- EXERCISE PROMPT
Return all of the data that follows precisely, leaving every image out.

*** ENTRIES SUPPLIED ***

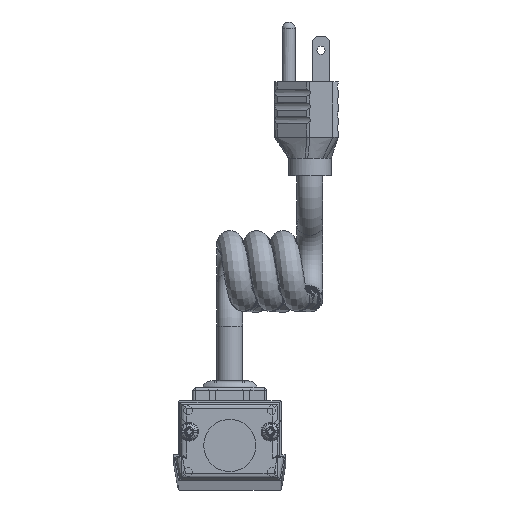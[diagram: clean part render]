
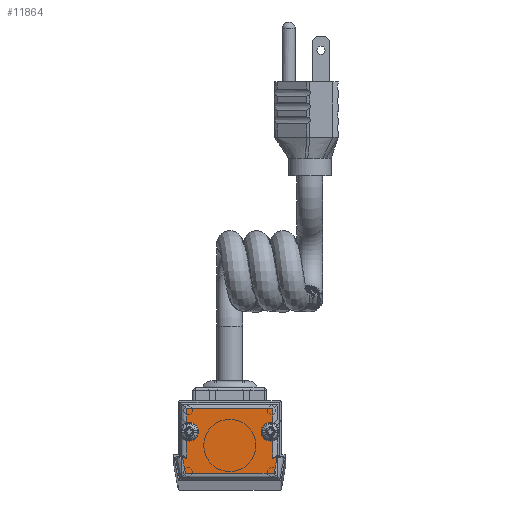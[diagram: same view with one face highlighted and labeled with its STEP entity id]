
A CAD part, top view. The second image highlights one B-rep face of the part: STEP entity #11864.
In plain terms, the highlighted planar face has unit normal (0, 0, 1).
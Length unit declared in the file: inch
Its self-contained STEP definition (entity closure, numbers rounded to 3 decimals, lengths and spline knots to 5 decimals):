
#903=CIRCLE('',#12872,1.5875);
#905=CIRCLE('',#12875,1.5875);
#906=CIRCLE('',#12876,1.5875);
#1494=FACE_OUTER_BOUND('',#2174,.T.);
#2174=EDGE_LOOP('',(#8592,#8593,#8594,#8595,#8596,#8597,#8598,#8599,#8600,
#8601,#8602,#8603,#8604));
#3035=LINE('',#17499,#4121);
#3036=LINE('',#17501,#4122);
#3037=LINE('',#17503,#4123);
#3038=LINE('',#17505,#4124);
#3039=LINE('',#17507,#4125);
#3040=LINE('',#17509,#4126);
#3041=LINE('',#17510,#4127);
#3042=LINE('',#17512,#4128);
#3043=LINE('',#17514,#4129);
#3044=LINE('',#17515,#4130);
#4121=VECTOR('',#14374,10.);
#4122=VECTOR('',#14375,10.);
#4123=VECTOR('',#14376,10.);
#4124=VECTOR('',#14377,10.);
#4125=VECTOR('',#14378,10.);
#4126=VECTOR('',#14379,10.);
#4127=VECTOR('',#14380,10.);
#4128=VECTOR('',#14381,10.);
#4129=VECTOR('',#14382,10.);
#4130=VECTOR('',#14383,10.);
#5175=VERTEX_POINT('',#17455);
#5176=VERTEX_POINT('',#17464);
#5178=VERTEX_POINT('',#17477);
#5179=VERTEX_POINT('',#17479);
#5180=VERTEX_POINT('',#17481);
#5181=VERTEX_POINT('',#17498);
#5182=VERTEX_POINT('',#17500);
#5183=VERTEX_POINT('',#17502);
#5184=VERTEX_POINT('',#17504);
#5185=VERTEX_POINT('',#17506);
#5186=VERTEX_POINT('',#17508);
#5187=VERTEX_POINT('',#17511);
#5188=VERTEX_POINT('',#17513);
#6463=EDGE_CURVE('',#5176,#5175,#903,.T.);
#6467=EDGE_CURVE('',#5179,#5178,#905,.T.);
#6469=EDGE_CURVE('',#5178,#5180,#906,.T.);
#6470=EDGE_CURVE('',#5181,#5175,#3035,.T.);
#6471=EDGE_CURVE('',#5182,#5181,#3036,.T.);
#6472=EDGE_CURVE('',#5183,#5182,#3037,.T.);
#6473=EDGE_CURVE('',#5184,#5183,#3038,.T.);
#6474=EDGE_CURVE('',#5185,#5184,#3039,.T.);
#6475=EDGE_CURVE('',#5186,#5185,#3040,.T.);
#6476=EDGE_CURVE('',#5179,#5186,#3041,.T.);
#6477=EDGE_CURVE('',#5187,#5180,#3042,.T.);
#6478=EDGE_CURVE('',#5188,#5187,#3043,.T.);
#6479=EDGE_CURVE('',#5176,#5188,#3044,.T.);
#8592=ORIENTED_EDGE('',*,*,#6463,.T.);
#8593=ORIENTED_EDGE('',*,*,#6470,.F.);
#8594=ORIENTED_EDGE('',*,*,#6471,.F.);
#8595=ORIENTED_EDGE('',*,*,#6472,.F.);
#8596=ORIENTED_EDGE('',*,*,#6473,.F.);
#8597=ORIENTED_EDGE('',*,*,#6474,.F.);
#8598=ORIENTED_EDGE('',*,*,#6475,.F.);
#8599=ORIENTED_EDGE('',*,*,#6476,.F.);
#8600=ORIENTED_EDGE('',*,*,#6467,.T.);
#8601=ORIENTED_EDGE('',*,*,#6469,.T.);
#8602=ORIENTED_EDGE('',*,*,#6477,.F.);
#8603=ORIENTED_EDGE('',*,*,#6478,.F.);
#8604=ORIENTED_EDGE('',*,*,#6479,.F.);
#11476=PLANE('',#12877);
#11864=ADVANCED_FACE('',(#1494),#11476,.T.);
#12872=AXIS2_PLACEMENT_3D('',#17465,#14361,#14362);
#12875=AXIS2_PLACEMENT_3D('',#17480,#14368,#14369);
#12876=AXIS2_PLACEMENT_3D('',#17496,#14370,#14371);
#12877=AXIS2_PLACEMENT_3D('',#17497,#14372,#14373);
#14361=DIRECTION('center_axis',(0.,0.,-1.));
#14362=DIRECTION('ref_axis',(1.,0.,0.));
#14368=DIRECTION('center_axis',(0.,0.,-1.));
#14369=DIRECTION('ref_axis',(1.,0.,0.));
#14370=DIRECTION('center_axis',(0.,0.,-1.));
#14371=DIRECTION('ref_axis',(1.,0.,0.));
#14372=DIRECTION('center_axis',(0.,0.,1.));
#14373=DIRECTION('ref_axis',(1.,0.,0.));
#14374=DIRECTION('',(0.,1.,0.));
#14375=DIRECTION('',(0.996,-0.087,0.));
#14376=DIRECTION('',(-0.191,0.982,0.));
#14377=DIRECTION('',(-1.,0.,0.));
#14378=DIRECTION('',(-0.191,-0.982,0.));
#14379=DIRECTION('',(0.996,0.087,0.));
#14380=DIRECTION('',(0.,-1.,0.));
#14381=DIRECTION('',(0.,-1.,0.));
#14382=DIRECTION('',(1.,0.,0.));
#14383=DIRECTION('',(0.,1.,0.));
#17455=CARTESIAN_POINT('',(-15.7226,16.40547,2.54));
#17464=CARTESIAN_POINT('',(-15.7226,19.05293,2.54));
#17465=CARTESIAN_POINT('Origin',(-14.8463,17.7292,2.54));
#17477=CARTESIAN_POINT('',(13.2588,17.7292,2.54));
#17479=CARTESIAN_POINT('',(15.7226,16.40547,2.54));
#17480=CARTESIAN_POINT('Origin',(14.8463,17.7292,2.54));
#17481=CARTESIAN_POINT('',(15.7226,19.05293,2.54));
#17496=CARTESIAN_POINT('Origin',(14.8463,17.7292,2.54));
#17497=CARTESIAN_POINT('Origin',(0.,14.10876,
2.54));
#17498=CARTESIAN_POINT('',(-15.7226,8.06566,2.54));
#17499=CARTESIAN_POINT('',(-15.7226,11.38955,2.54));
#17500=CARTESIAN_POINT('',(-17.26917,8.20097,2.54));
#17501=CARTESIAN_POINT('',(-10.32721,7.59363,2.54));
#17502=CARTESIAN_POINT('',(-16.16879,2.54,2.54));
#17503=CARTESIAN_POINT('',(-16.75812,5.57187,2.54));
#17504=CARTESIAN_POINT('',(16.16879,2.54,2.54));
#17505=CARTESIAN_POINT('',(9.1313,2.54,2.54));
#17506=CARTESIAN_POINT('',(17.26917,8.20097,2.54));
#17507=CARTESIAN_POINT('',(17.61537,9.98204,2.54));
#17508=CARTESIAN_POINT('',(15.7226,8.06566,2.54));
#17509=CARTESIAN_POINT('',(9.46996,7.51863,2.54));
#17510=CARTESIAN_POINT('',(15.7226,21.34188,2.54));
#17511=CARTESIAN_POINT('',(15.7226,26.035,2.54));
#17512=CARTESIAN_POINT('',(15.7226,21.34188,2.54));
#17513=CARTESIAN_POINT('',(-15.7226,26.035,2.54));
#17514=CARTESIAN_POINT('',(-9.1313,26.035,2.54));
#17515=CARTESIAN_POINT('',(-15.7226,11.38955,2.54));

***

- RESPONSE TO THIS TASK
[diagram: clean part render]
[diagram: same view with one face highlighted and labeled with its STEP entity id]
A CAD part, top view. The second image highlights one B-rep face of the part: STEP entity #11864.
In plain terms, the highlighted planar face has unit normal (0, 0, 1).
Length unit declared in the file: inch
Its self-contained STEP definition (entity closure, numbers rounded to 3 decimals, lengths and spline knots to 5 decimals):
#903=CIRCLE('',#12872,1.5875);
#905=CIRCLE('',#12875,1.5875);
#906=CIRCLE('',#12876,1.5875);
#1494=FACE_OUTER_BOUND('',#2174,.T.);
#2174=EDGE_LOOP('',(#8592,#8593,#8594,#8595,#8596,#8597,#8598,#8599,#8600,
#8601,#8602,#8603,#8604));
#3035=LINE('',#17499,#4121);
#3036=LINE('',#17501,#4122);
#3037=LINE('',#17503,#4123);
#3038=LINE('',#17505,#4124);
#3039=LINE('',#17507,#4125);
#3040=LINE('',#17509,#4126);
#3041=LINE('',#17510,#4127);
#3042=LINE('',#17512,#4128);
#3043=LINE('',#17514,#4129);
#3044=LINE('',#17515,#4130);
#4121=VECTOR('',#14374,10.);
#4122=VECTOR('',#14375,10.);
#4123=VECTOR('',#14376,10.);
#4124=VECTOR('',#14377,10.);
#4125=VECTOR('',#14378,10.);
#4126=VECTOR('',#14379,10.);
#4127=VECTOR('',#14380,10.);
#4128=VECTOR('',#14381,10.);
#4129=VECTOR('',#14382,10.);
#4130=VECTOR('',#14383,10.);
#5175=VERTEX_POINT('',#17455);
#5176=VERTEX_POINT('',#17464);
#5178=VERTEX_POINT('',#17477);
#5179=VERTEX_POINT('',#17479);
#5180=VERTEX_POINT('',#17481);
#5181=VERTEX_POINT('',#17498);
#5182=VERTEX_POINT('',#17500);
#5183=VERTEX_POINT('',#17502);
#5184=VERTEX_POINT('',#17504);
#5185=VERTEX_POINT('',#17506);
#5186=VERTEX_POINT('',#17508);
#5187=VERTEX_POINT('',#17511);
#5188=VERTEX_POINT('',#17513);
#6463=EDGE_CURVE('',#5176,#5175,#903,.T.);
#6467=EDGE_CURVE('',#5179,#5178,#905,.T.);
#6469=EDGE_CURVE('',#5178,#5180,#906,.T.);
#6470=EDGE_CURVE('',#5181,#5175,#3035,.T.);
#6471=EDGE_CURVE('',#5182,#5181,#3036,.T.);
#6472=EDGE_CURVE('',#5183,#5182,#3037,.T.);
#6473=EDGE_CURVE('',#5184,#5183,#3038,.T.);
#6474=EDGE_CURVE('',#5185,#5184,#3039,.T.);
#6475=EDGE_CURVE('',#5186,#5185,#3040,.T.);
#6476=EDGE_CURVE('',#5179,#5186,#3041,.T.);
#6477=EDGE_CURVE('',#5187,#5180,#3042,.T.);
#6478=EDGE_CURVE('',#5188,#5187,#3043,.T.);
#6479=EDGE_CURVE('',#5176,#5188,#3044,.T.);
#8592=ORIENTED_EDGE('',*,*,#6463,.T.);
#8593=ORIENTED_EDGE('',*,*,#6470,.F.);
#8594=ORIENTED_EDGE('',*,*,#6471,.F.);
#8595=ORIENTED_EDGE('',*,*,#6472,.F.);
#8596=ORIENTED_EDGE('',*,*,#6473,.F.);
#8597=ORIENTED_EDGE('',*,*,#6474,.F.);
#8598=ORIENTED_EDGE('',*,*,#6475,.F.);
#8599=ORIENTED_EDGE('',*,*,#6476,.F.);
#8600=ORIENTED_EDGE('',*,*,#6467,.T.);
#8601=ORIENTED_EDGE('',*,*,#6469,.T.);
#8602=ORIENTED_EDGE('',*,*,#6477,.F.);
#8603=ORIENTED_EDGE('',*,*,#6478,.F.);
#8604=ORIENTED_EDGE('',*,*,#6479,.F.);
#11476=PLANE('',#12877);
#11864=ADVANCED_FACE('',(#1494),#11476,.T.);
#12872=AXIS2_PLACEMENT_3D('',#17465,#14361,#14362);
#12875=AXIS2_PLACEMENT_3D('',#17480,#14368,#14369);
#12876=AXIS2_PLACEMENT_3D('',#17496,#14370,#14371);
#12877=AXIS2_PLACEMENT_3D('',#17497,#14372,#14373);
#14361=DIRECTION('center_axis',(0.,0.,-1.));
#14362=DIRECTION('ref_axis',(1.,0.,0.));
#14368=DIRECTION('center_axis',(0.,0.,-1.));
#14369=DIRECTION('ref_axis',(1.,0.,0.));
#14370=DIRECTION('center_axis',(0.,0.,-1.));
#14371=DIRECTION('ref_axis',(1.,0.,0.));
#14372=DIRECTION('center_axis',(0.,0.,1.));
#14373=DIRECTION('ref_axis',(1.,0.,0.));
#14374=DIRECTION('',(0.,1.,0.));
#14375=DIRECTION('',(0.996,-0.087,0.));
#14376=DIRECTION('',(-0.191,0.982,0.));
#14377=DIRECTION('',(-1.,0.,0.));
#14378=DIRECTION('',(-0.191,-0.982,0.));
#14379=DIRECTION('',(0.996,0.087,0.));
#14380=DIRECTION('',(0.,-1.,0.));
#14381=DIRECTION('',(0.,-1.,0.));
#14382=DIRECTION('',(1.,0.,0.));
#14383=DIRECTION('',(0.,1.,0.));
#17455=CARTESIAN_POINT('',(-15.7226,16.40547,2.54));
#17464=CARTESIAN_POINT('',(-15.7226,19.05293,2.54));
#17465=CARTESIAN_POINT('Origin',(-14.8463,17.7292,2.54));
#17477=CARTESIAN_POINT('',(13.2588,17.7292,2.54));
#17479=CARTESIAN_POINT('',(15.7226,16.40547,2.54));
#17480=CARTESIAN_POINT('Origin',(14.8463,17.7292,2.54));
#17481=CARTESIAN_POINT('',(15.7226,19.05293,2.54));
#17496=CARTESIAN_POINT('Origin',(14.8463,17.7292,2.54));
#17497=CARTESIAN_POINT('Origin',(0.,14.10876,
2.54));
#17498=CARTESIAN_POINT('',(-15.7226,8.06566,2.54));
#17499=CARTESIAN_POINT('',(-15.7226,11.38955,2.54));
#17500=CARTESIAN_POINT('',(-17.26917,8.20097,2.54));
#17501=CARTESIAN_POINT('',(-10.32721,7.59363,2.54));
#17502=CARTESIAN_POINT('',(-16.16879,2.54,2.54));
#17503=CARTESIAN_POINT('',(-16.75812,5.57187,2.54));
#17504=CARTESIAN_POINT('',(16.16879,2.54,2.54));
#17505=CARTESIAN_POINT('',(9.1313,2.54,2.54));
#17506=CARTESIAN_POINT('',(17.26917,8.20097,2.54));
#17507=CARTESIAN_POINT('',(17.61537,9.98204,2.54));
#17508=CARTESIAN_POINT('',(15.7226,8.06566,2.54));
#17509=CARTESIAN_POINT('',(9.46996,7.51863,2.54));
#17510=CARTESIAN_POINT('',(15.7226,21.34188,2.54));
#17511=CARTESIAN_POINT('',(15.7226,26.035,2.54));
#17512=CARTESIAN_POINT('',(15.7226,21.34188,2.54));
#17513=CARTESIAN_POINT('',(-15.7226,26.035,2.54));
#17514=CARTESIAN_POINT('',(-9.1313,26.035,2.54));
#17515=CARTESIAN_POINT('',(-15.7226,11.38955,2.54));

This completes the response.